With the line containing "Topology: 4 solids, 4" as the starting point, output every line of the data below through its final line, character for character.

*** Opening Supplied entries ***

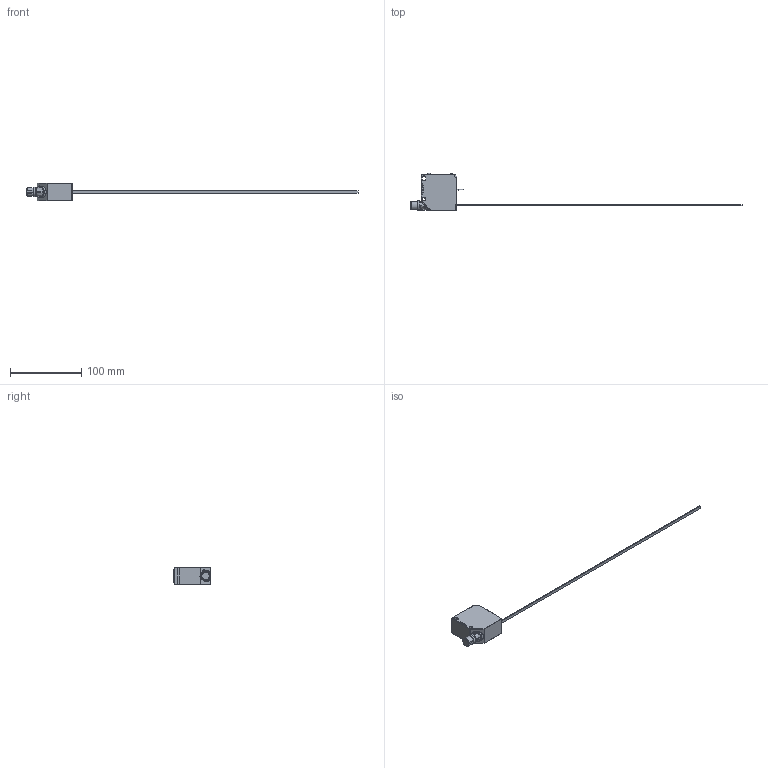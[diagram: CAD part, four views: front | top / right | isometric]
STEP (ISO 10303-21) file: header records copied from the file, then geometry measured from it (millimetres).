
FILE_DESCRIPTION(/* description */ (''),/* implementation_level */ '2;1');
FILE_NAME(/* name */ '624-41002_FT 55-RLAM-320-PNSUIDL-L5M.stp',/* time_stamp */ '2023-12-15T09:29:14+01:00',/* author */ ('Sandra.Stahl'),/* organization */ (''),/* preprocessor_version */ 'ST-DEVELOPER v19.2',/* originating_system */ 'Autodesk Inventor 2023',/* authorisation */ '');
FILE_SCHEMA (('AUTOMOTIVE_DESIGN { 1 0 10303 214 3 1 1 }'));
Length unit declared in the file: millimetre
Products named in the file (1): GH-ENG-0044043_Vereinfachen_1
Bounding box: 464.52 x 52.11 x 25 mm (x, y, z)
Volume: 63158.9 mm3; surface area: 15963.7 mm2
Topology: 4 solids, 4 shells, 252 faces, 611 edges, 382 vertices
Faces by surface type: plane 93, cylinder 49, cone 42, bspline 30, sphere 20, torus 18
Full cylindrical faces by diameter (mm): 1 x1, 4.1 x3, 8.9 x1, 13 x1, 15.5 x1
Entity records: 9374 total; most frequent: CARTESIAN_POINT 3341, ORIENTED_EDGE 1218, DIRECTION 1147, EDGE_CURVE 609, AXIS2_PLACEMENT_3D 446, VERTEX_POINT 381, EDGE_LOOP 272, STYLED_ITEM 256

*** Closing Supplied entries ***

▶ **Result below**:
Topology: 4 solids, 4 shells, 252 faces, 611 edges, 382 vertices
Faces by surface type: plane 93, cylinder 49, cone 42, bspline 30, sphere 20, torus 18
Full cylindrical faces by diameter (mm): 1 x1, 4.1 x3, 8.9 x1, 13 x1, 15.5 x1
Entity records: 9374 total; most frequent: CARTESIAN_POINT 3341, ORIENTED_EDGE 1218, DIRECTION 1147, EDGE_CURVE 609, AXIS2_PLACEMENT_3D 446, VERTEX_POINT 381, EDGE_LOOP 272, STYLED_ITEM 256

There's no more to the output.